We arrive at the little tiny meadow next to a destruction site, because I love my ironies. I dramatically spread my arms and say, "I present to you, my special little irony. Look how easy it is to destroy while these flowers are working so hard to bloom and create. Amazing, isn't it?"

"Why did you bring me here, Harry?" Louis' face is bored, but I know he has to appreciate it deep down. He has to.

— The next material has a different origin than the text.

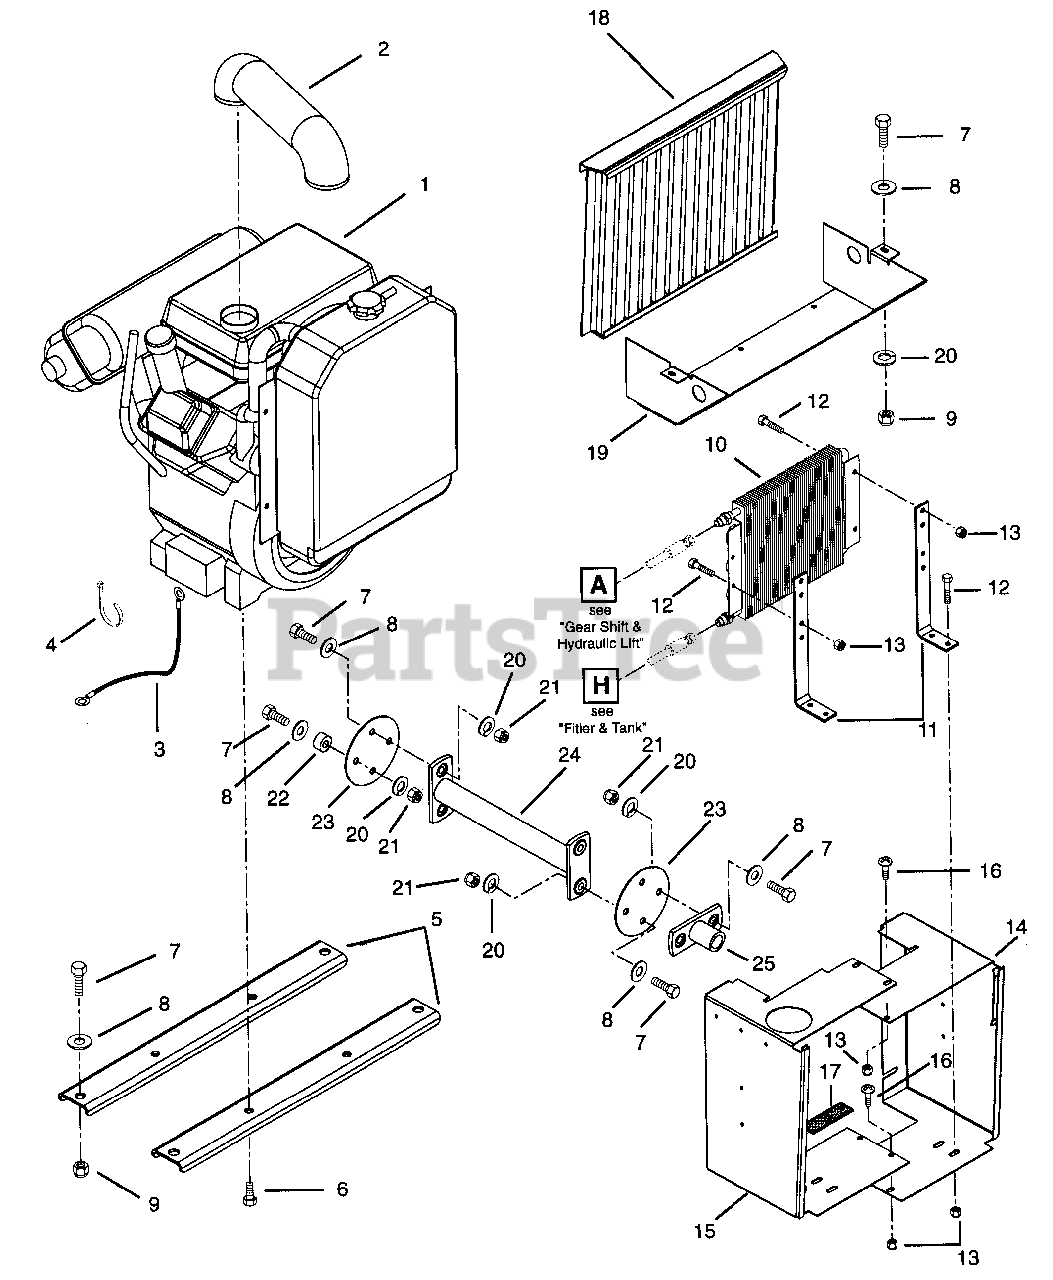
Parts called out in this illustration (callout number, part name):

"Sometimes the weight of the world likes to crush the flowers in my mind...and the world likes to distract me from taking care of my garden, so..." I picked the little bunches of white flowers and thread them into my brown hair. "Now I have flowers around and outside of my head, and I will not forget."

"They're just weeds."

"We both know that weeds have worth. Besides, they're only 'weeds' because someone decided to name that, just like they decided to name me heartless." I lightly brush my smooth arms as he scoffs in disbelief.

"You've killed them just so you could feel better."

"Hold on..." I smiled, because I was meant to. "I thought they were only weeds to you. Why do you care if they die?"

He smiles, because he knows he has been caught. But then he scowls, because he knows he has been caught. But it's too late. I have seen his dimples, and now I know.

"Louis Tomlinson, you were meant to smile."

He does not smile again, but he stays.